### Provided material

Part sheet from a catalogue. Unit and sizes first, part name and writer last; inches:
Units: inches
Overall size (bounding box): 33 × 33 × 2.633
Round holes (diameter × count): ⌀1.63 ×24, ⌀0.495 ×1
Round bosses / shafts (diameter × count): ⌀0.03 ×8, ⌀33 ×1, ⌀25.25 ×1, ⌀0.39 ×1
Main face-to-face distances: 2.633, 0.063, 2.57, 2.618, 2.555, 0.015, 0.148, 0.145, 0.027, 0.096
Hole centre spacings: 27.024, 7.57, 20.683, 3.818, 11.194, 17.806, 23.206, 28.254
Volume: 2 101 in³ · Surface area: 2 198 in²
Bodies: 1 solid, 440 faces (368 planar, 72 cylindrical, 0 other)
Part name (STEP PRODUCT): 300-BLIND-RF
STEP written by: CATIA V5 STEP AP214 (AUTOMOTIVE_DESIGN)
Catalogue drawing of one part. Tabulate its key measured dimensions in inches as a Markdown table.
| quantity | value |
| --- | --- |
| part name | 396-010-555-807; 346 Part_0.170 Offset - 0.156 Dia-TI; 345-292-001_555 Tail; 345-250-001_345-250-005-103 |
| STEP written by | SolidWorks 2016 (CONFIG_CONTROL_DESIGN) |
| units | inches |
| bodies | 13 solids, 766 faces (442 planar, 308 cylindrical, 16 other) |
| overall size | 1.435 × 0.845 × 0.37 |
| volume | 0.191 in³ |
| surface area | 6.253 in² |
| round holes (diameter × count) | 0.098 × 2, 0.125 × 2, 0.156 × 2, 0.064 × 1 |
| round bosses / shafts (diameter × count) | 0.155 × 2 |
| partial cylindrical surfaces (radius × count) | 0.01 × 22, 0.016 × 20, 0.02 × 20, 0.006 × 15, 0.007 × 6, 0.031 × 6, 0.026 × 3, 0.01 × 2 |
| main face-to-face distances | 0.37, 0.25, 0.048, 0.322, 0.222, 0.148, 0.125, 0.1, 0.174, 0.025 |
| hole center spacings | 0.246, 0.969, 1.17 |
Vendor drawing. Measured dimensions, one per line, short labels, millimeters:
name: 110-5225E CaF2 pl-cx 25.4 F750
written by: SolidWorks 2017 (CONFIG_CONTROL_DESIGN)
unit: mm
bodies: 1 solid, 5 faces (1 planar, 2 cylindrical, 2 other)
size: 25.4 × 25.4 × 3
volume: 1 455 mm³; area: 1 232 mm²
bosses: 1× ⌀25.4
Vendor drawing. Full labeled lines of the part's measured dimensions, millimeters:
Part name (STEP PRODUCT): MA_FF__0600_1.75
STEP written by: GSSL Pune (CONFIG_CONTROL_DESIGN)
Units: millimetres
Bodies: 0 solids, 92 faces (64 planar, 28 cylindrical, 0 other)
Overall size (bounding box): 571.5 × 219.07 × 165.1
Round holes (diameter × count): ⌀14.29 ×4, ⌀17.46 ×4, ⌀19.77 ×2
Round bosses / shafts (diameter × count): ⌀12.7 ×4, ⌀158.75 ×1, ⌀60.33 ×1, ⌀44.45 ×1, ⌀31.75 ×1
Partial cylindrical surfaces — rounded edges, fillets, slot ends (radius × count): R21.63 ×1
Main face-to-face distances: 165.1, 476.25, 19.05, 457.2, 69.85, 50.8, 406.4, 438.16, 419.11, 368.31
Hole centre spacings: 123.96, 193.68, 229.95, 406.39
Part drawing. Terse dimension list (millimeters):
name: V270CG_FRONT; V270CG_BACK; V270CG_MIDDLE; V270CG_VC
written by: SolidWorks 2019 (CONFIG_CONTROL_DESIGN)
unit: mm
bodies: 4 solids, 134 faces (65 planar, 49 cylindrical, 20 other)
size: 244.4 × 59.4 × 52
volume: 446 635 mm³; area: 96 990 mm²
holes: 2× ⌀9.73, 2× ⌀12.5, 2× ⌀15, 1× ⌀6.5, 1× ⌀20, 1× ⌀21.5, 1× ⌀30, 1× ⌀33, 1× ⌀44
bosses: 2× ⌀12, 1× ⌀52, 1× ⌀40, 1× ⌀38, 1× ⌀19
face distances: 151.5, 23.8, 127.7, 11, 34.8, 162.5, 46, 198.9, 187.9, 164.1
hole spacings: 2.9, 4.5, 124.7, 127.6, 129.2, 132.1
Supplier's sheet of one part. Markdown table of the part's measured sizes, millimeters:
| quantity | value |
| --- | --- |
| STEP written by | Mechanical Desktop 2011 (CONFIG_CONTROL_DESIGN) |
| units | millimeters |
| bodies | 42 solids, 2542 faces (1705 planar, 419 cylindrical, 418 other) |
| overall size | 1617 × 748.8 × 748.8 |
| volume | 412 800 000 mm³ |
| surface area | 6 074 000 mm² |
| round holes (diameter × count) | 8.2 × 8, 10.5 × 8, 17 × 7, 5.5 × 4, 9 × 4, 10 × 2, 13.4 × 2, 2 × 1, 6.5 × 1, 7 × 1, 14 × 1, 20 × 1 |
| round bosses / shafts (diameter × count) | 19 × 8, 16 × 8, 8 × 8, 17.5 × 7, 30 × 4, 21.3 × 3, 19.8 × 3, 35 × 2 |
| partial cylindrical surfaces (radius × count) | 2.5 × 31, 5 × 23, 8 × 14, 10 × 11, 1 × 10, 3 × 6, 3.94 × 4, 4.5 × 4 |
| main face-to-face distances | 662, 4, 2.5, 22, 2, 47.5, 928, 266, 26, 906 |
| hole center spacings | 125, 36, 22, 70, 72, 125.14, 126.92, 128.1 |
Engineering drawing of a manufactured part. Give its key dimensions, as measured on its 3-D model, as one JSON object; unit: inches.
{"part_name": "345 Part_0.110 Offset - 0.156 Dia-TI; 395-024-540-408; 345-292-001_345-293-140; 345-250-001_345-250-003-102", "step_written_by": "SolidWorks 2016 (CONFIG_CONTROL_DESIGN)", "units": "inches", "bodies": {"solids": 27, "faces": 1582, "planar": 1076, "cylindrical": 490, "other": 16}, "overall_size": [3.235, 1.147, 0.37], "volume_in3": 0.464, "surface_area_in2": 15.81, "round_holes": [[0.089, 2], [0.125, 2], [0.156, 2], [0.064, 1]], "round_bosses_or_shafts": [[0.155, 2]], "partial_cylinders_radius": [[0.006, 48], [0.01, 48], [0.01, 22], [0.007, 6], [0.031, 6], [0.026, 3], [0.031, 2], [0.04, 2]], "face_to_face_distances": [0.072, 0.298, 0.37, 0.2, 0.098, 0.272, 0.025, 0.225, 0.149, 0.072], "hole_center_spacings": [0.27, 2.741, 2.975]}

### The problem
The answer must be the complete listing, repeated exactly.

### Task output
Part sheet from a catalogue. Unit and sizes first, part name and writer last; inches:
Units: inches
Overall size (bounding box): 33 × 33 × 2.633
Round holes (diameter × count): ⌀1.63 ×24, ⌀0.495 ×1
Round bosses / shafts (diameter × count): ⌀0.03 ×8, ⌀33 ×1, ⌀25.25 ×1, ⌀0.39 ×1
Main face-to-face distances: 2.633, 0.063, 2.57, 2.618, 2.555, 0.015, 0.148, 0.145, 0.027, 0.096
Hole centre spacings: 27.024, 7.57, 20.683, 3.818, 11.194, 17.806, 23.206, 28.254
Volume: 2 101 in³ · Surface area: 2 198 in²
Bodies: 1 solid, 440 faces (368 planar, 72 cylindrical, 0 other)
Part name (STEP PRODUCT): 300-BLIND-RF
STEP written by: CATIA V5 STEP AP214 (AUTOMOTIVE_DESIGN)
Catalogue drawing of one part. Tabulate its key measured dimensions in inches as a Markdown table.
| quantity | value |
| --- | --- |
| part name | 396-010-555-807; 346 Part_0.170 Offset - 0.156 Dia-TI; 345-292-001_555 Tail; 345-250-001_345-250-005-103 |
| STEP written by | SolidWorks 2016 (CONFIG_CONTROL_DESIGN) |
| units | inches |
| bodies | 13 solids, 766 faces (442 planar, 308 cylindrical, 16 other) |
| overall size | 1.435 × 0.845 × 0.37 |
| volume | 0.191 in³ |
| surface area | 6.253 in² |
| round holes (diameter × count) | 0.098 × 2, 0.125 × 2, 0.156 × 2, 0.064 × 1 |
| round bosses / shafts (diameter × count) | 0.155 × 2 |
| partial cylindrical surfaces (radius × count) | 0.01 × 22, 0.016 × 20, 0.02 × 20, 0.006 × 15, 0.007 × 6, 0.031 × 6, 0.026 × 3, 0.01 × 2 |
| main face-to-face distances | 0.37, 0.25, 0.048, 0.322, 0.222, 0.148, 0.125, 0.1, 0.174, 0.025 |
| hole center spacings | 0.246, 0.969, 1.17 |
Vendor drawing. Measured dimensions, one per line, short labels, millimeters:
name: 110-5225E CaF2 pl-cx 25.4 F750
written by: SolidWorks 2017 (CONFIG_CONTROL_DESIGN)
unit: mm
bodies: 1 solid, 5 faces (1 planar, 2 cylindrical, 2 other)
size: 25.4 × 25.4 × 3
volume: 1 455 mm³; area: 1 232 mm²
bosses: 1× ⌀25.4
Vendor drawing. Full labeled lines of the part's measured dimensions, millimeters:
Part name (STEP PRODUCT): MA_FF__0600_1.75
STEP written by: GSSL Pune (CONFIG_CONTROL_DESIGN)
Units: millimetres
Bodies: 0 solids, 92 faces (64 planar, 28 cylindrical, 0 other)
Overall size (bounding box): 571.5 × 219.07 × 165.1
Round holes (diameter × count): ⌀14.29 ×4, ⌀17.46 ×4, ⌀19.77 ×2
Round bosses / shafts (diameter × count): ⌀12.7 ×4, ⌀158.75 ×1, ⌀60.33 ×1, ⌀44.45 ×1, ⌀31.75 ×1
Partial cylindrical surfaces — rounded edges, fillets, slot ends (radius × count): R21.63 ×1
Main face-to-face distances: 165.1, 476.25, 19.05, 457.2, 69.85, 50.8, 406.4, 438.16, 419.11, 368.31
Hole centre spacings: 123.96, 193.68, 229.95, 406.39
Part drawing. Terse dimension list (millimeters):
name: V270CG_FRONT; V270CG_BACK; V270CG_MIDDLE; V270CG_VC
written by: SolidWorks 2019 (CONFIG_CONTROL_DESIGN)
unit: mm
bodies: 4 solids, 134 faces (65 planar, 49 cylindrical, 20 other)
size: 244.4 × 59.4 × 52
volume: 446 635 mm³; area: 96 990 mm²
holes: 2× ⌀9.73, 2× ⌀12.5, 2× ⌀15, 1× ⌀6.5, 1× ⌀20, 1× ⌀21.5, 1× ⌀30, 1× ⌀33, 1× ⌀44
bosses: 2× ⌀12, 1× ⌀52, 1× ⌀40, 1× ⌀38, 1× ⌀19
face distances: 151.5, 23.8, 127.7, 11, 34.8, 162.5, 46, 198.9, 187.9, 164.1
hole spacings: 2.9, 4.5, 124.7, 127.6, 129.2, 132.1
Supplier's sheet of one part. Markdown table of the part's measured sizes, millimeters:
| quantity | value |
| --- | --- |
| STEP written by | Mechanical Desktop 2011 (CONFIG_CONTROL_DESIGN) |
| units | millimeters |
| bodies | 42 solids, 2542 faces (1705 planar, 419 cylindrical, 418 other) |
| overall size | 1617 × 748.8 × 748.8 |
| volume | 412 800 000 mm³ |
| surface area | 6 074 000 mm² |
| round holes (diameter × count) | 8.2 × 8, 10.5 × 8, 17 × 7, 5.5 × 4, 9 × 4, 10 × 2, 13.4 × 2, 2 × 1, 6.5 × 1, 7 × 1, 14 × 1, 20 × 1 |
| round bosses / shafts (diameter × count) | 19 × 8, 16 × 8, 8 × 8, 17.5 × 7, 30 × 4, 21.3 × 3, 19.8 × 3, 35 × 2 |
| partial cylindrical surfaces (radius × count) | 2.5 × 31, 5 × 23, 8 × 14, 10 × 11, 1 × 10, 3 × 6, 3.94 × 4, 4.5 × 4 |
| main face-to-face distances | 662, 4, 2.5, 22, 2, 47.5, 928, 266, 26, 906 |
| hole center spacings | 125, 36, 22, 70, 72, 125.14, 126.92, 128.1 |
Engineering drawing of a manufactured part. Give its key dimensions, as measured on its 3-D model, as one JSON object; unit: inches.
{"part_name": "345 Part_0.110 Offset - 0.156 Dia-TI; 395-024-540-408; 345-292-001_345-293-140; 345-250-001_345-250-003-102", "step_written_by": "SolidWorks 2016 (CONFIG_CONTROL_DESIGN)", "units": "inches", "bodies": {"solids": 27, "faces": 1582, "planar": 1076, "cylindrical": 490, "other": 16}, "overall_size": [3.235, 1.147, 0.37], "volume_in3": 0.464, "surface_area_in2": 15.81, "round_holes": [[0.089, 2], [0.125, 2], [0.156, 2], [0.064, 1]], "round_bosses_or_shafts": [[0.155, 2]], "partial_cylinders_radius": [[0.006, 48], [0.01, 48], [0.01, 22], [0.007, 6], [0.031, 6], [0.026, 3], [0.031, 2], [0.04, 2]], "face_to_face_distances": [0.072, 0.298, 0.37, 0.2, 0.098, 0.272, 0.025, 0.225, 0.149, 0.072], "hole_center_spacings": [0.27, 2.741, 2.975]}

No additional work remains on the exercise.